- _Problem to work on_: Report, in full, each line of the material below in which the string "storey" occurs.

* * * * * * *

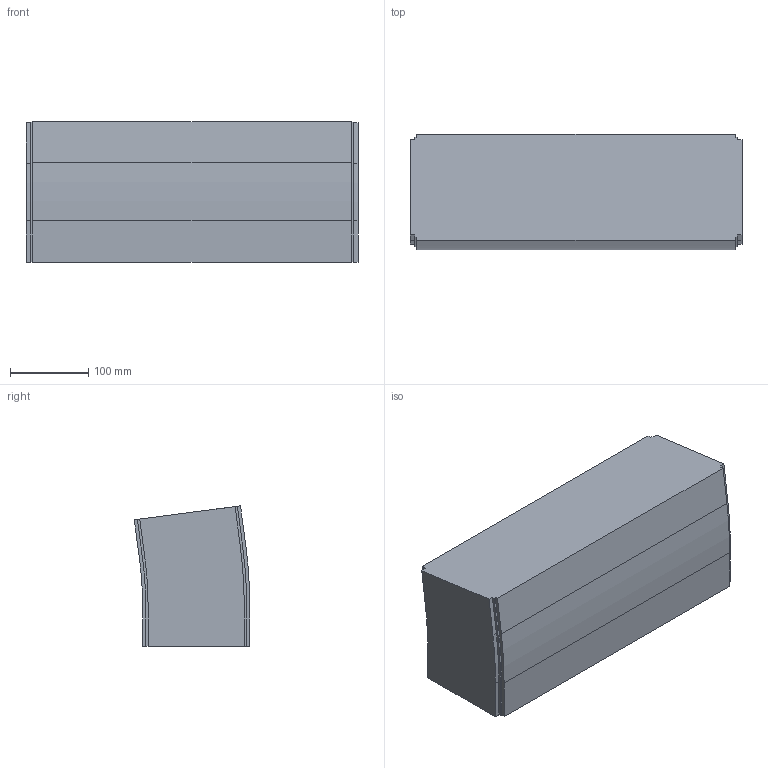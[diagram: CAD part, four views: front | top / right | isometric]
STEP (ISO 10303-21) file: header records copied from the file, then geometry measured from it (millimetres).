
FILE_DESCRIPTION (( 'STEP AP214' ), '1' );
FILE_NAME ('FS-MTC2-150-INOX verticaalbocht.420 7,5°.STEP', '2017-02-08T12:41:46', ( '' ), ( '' ), 'SwSTEP 2.0', 'SolidWorks 2016', '' );
FILE_SCHEMA (( 'AUTOMOTIVE_DESIGN' ));
Length unit declared in the file: millimetre
Products named in the file (1): FS-MTC2-150-INOX verticaalbocht.420 7,5°
Bounding box: 423 x 147.05 x 178.72 mm (x, y, z)
Volume: 9806780.8 mm3; surface area: 305802.8 mm2
Topology: 1 solids, 1 shells, 42 faces, 120 edges, 80 vertices
Faces by surface type: plane 32, cylinder 10
Entity records: 1398 total; most frequent: CARTESIAN_POINT 243, ORIENTED_EDGE 240, DIRECTION 226, EDGE_CURVE 120, LINE 100, VECTOR 100, VERTEX_POINT 80, AXIS2_PLACEMENT_3D 63
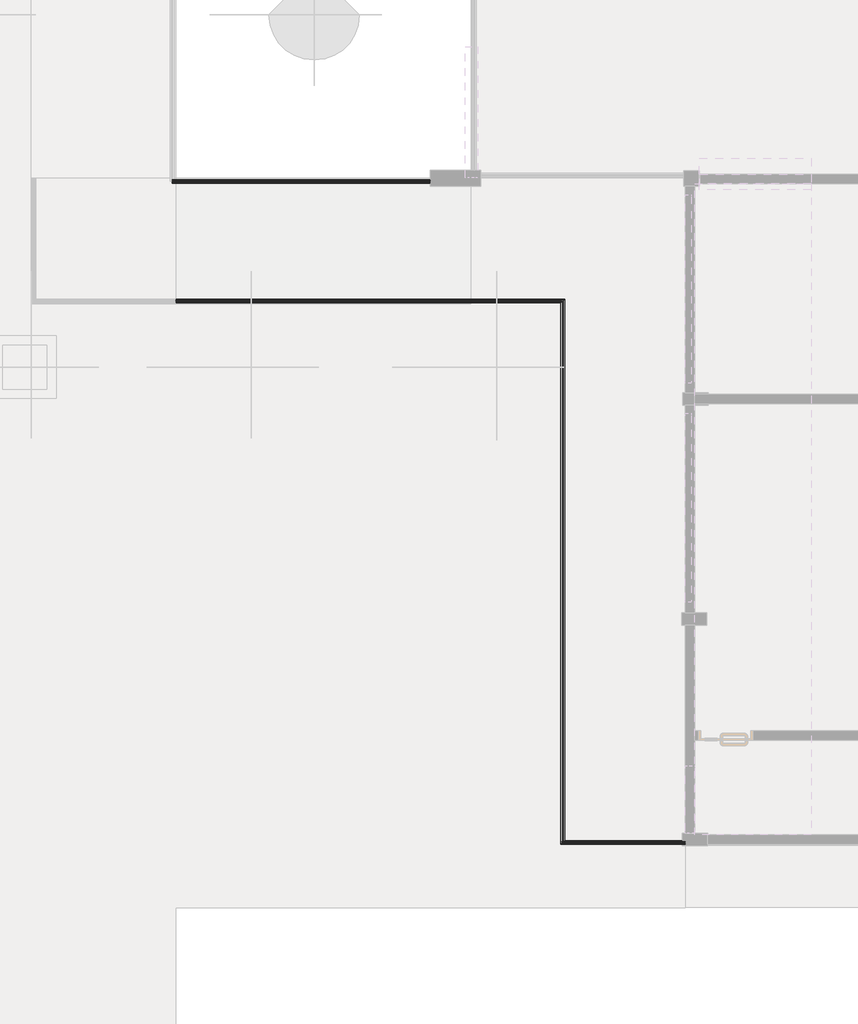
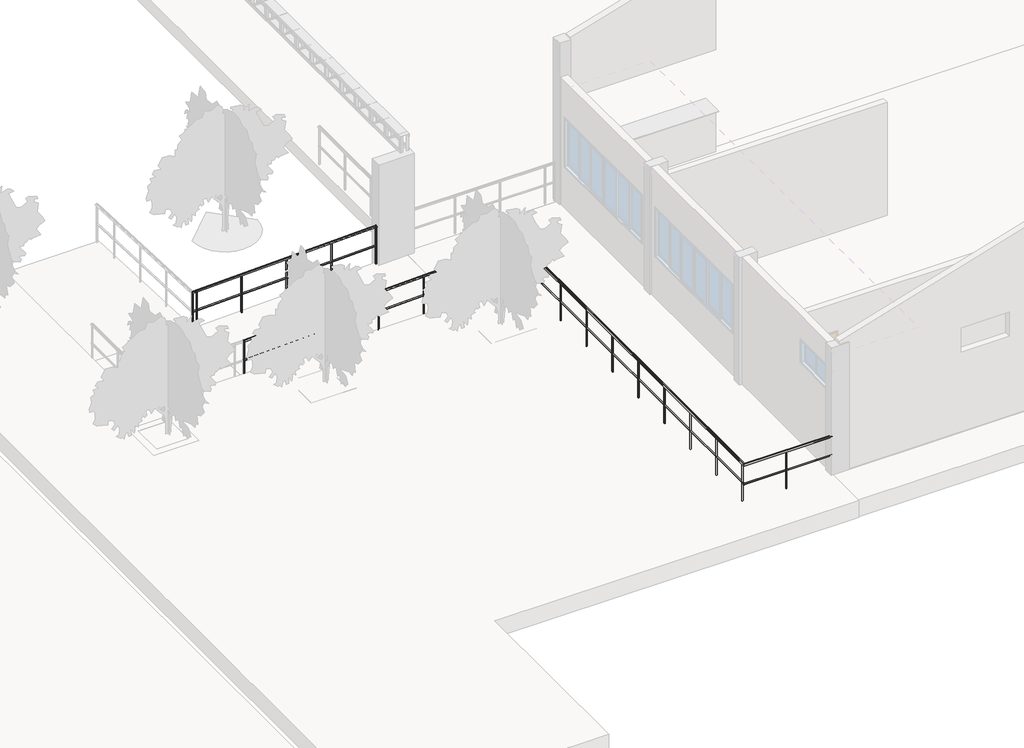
# One storey, part 8 of 12: 3 railings.
"""IFC4 building model written with IfcOpenShell, lengths in millimetres."""

from ifc_helpers import new_model, si_unit, point, frame, frame_2d, origin, place, context, project, spatial, circle_curve, ellipse_curve, trimmed, segment, composite_curve, outline, extrude, element, save
from ifc_brep_helpers import plane_surface, cylinder_surface, advanced_brep

model = new_model("IFC4")

# Units and contexts
model_context = context("Model", 3, world=origin())
ifc_project = project(units=[si_unit("LENGTHUNIT", "METRE", prefix="MILLI")], contexts=[model_context])

# Site, building, storey
site = spatial("IfcSite", under=ifc_project)
building = spatial("IfcBuilding", under=site)
storey = spatial("IfcBuildingStorey", under=building, Name="Nível 1", Elevation=0.0)

# Railings
placement = place(None, origin())
element("IfcRailing", 1, ObjectType="900 mm Tubulação", at=placement, inside=storey, context=model_context, shape_type="AdvancedBrep", body=[
    advanced_brep(
    [(-22898.5268603, 13911.1797638, 1029.989817), (-22898.5268603, 13881.1797638, 1029.989817), (-22898.5268603, 13851.1797638, 1029.989817), (-22898.5268603, 13871.1797638, 1050.0), (-22898.5268603, 13891.1797638, 1050.0), (-18198.5268603, 13911.1797638, 1179.989817), (-18198.5268603, 13891.1797638, 1200.0), (-18198.5268603, 13871.1797638, 1200.0), (-18198.5268603, 13851.1797638, 1179.989817), (-18198.5268603, 13881.1797638, 1179.989817)],
    [
        (0, 1),
        (1, 2),
        (2, 3, ellipse_curve(frame((-22898.5268603, 13871.1797638, 1029.989817), z_axis=(-1.0, 0.0, 0.0), x_axis=(0.0, 0.0, -1.0)), 20.010183, 20.0)),
        (3, 4),
        (4, 0, ellipse_curve(frame((-22898.5268603, 13891.1797638, 1029.989817), z_axis=(-1.0, 0.0, 0.0), x_axis=(0.0, 0.0, -1.0)), 20.010183, 20.0)),
        (5, 6, ellipse_curve(frame((-18198.5268603, 13891.1797638, 1179.989817), z_axis=(1.0, 0.0, 0.0), x_axis=(0.0, 0.0, -1.0)), 20.010183, 20.0)),
        (6, 7),
        (7, 8, ellipse_curve(frame((-18198.5268603, 13871.1797638, 1179.989817), z_axis=(1.0, 0.0, 0.0), x_axis=(0.0, 0.0, -1.0)), 20.010183, 20.0)),
        (8, 9),
        (9, 5),
        (0, 5),
        (9, 1),
        (8, 2),
        (7, 3),
        (6, 4),
    ],
    [
        plane_surface(frame((-22898.5268603, 13881.1797638, 1050.0), z_axis=(-1.0, 0.0, 0.0), x_axis=(0.0, 1.0, 0.0))),
        plane_surface(frame((-18198.5268603, 13881.1797638, 1200.0), z_axis=(1.0, 0.0, 0.0), x_axis=(0.0, 1.0, 0.0))),
        plane_surface(frame((-22898.5268603, 13911.1797638, 1029.989817), z_axis=(0.03189865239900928, 0.0, -0.9994911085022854), x_axis=(0.9994911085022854, 0.0, 0.03189865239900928))),
        plane_surface(frame((-22898.5268603, 13881.1797638, 1029.989817), z_axis=(0.03189865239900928, 0.0, -0.9994911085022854), x_axis=(0.9994911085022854, 0.0, 0.03189865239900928))),
        cylinder_surface(frame((-22897.8888872, 13871.1797638, 1030.0101778), z_axis=(-0.9994911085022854, 0.0, -0.0318986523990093), x_axis=(0.0, 1.0, 0.0)), 20.0),
        plane_surface(frame((-22898.5268603, 13871.1797638, 1050.0), z_axis=(-0.03189865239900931, 0.0, 0.9994911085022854), x_axis=(0.9994911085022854, 0.0, 0.03189865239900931))),
        cylinder_surface(frame((-22897.8888872, 13891.1797638, 1030.0101778), z_axis=(-0.9994911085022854, 0.0, -0.0318986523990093), x_axis=(0.0, 1.0, 0.0)), 20.0),
    ],
    [
        (0, [[1, 2, 3, 4, 5]]),
        (1, [[6, 7, 8, 9, 10]]),
        (2, [[-1, 11, -10, 12]]),
        (3, [[-2, -12, -9, 13]]),
        (4, [[-3, -13, -8, 14]]),
        (5, [[-4, -14, -7, 15]]),
        (6, [[-5, -15, -6, -11]]),
    ],
),
    advanced_brep(
    [(-22898.5268603, 13896.1797638, 1034.9923627), (-22898.5268603, 13866.1797638, 1034.9923627), (-18198.5268603, 13896.1797638, 1184.9923627), (-18198.5268603, 13866.1797638, 1184.9923627)],
    [
        (0, 1, ellipse_curve(frame((-22898.5268603, 13881.1797638, 1034.9923627), z_axis=(-1.0, 0.0, 0.0), x_axis=(0.0, 0.0, -1.0)), 15.0076373, 15.0)),
        (1, 0, ellipse_curve(frame((-22898.5268603, 13881.1797638, 1034.9923627), z_axis=(-1.0, 0.0, 0.0), x_axis=(0.0, 0.0, -1.0)), 15.0076373, 15.0)),
        (2, 3, ellipse_curve(frame((-18198.5268603, 13881.1797638, 1184.9923627), z_axis=(1.0, 0.0, 0.0), x_axis=(0.0, 0.0, -1.0)), 15.0076373, 15.0)),
        (3, 2, ellipse_curve(frame((-18198.5268603, 13881.1797638, 1184.9923627), z_axis=(1.0, 0.0, 0.0), x_axis=(0.0, 0.0, -1.0)), 15.0076373, 15.0)),
        (0, 2),
        (3, 1),
    ],
    [
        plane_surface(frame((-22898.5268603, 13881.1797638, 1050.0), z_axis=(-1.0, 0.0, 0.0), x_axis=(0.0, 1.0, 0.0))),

* * * * * * *

- _Answer to this task_:
# One storey, part 8 of 12: 3 railings.
# Site, building, storey
storey = spatial("IfcBuildingStorey", under=building, Name="Nível 1", Elevation=0.0)
element("IfcRailing", 1, ObjectType="900 mm Tubulação", at=placement, inside=storey, context=model_context, shape_type="AdvancedBrep", body=[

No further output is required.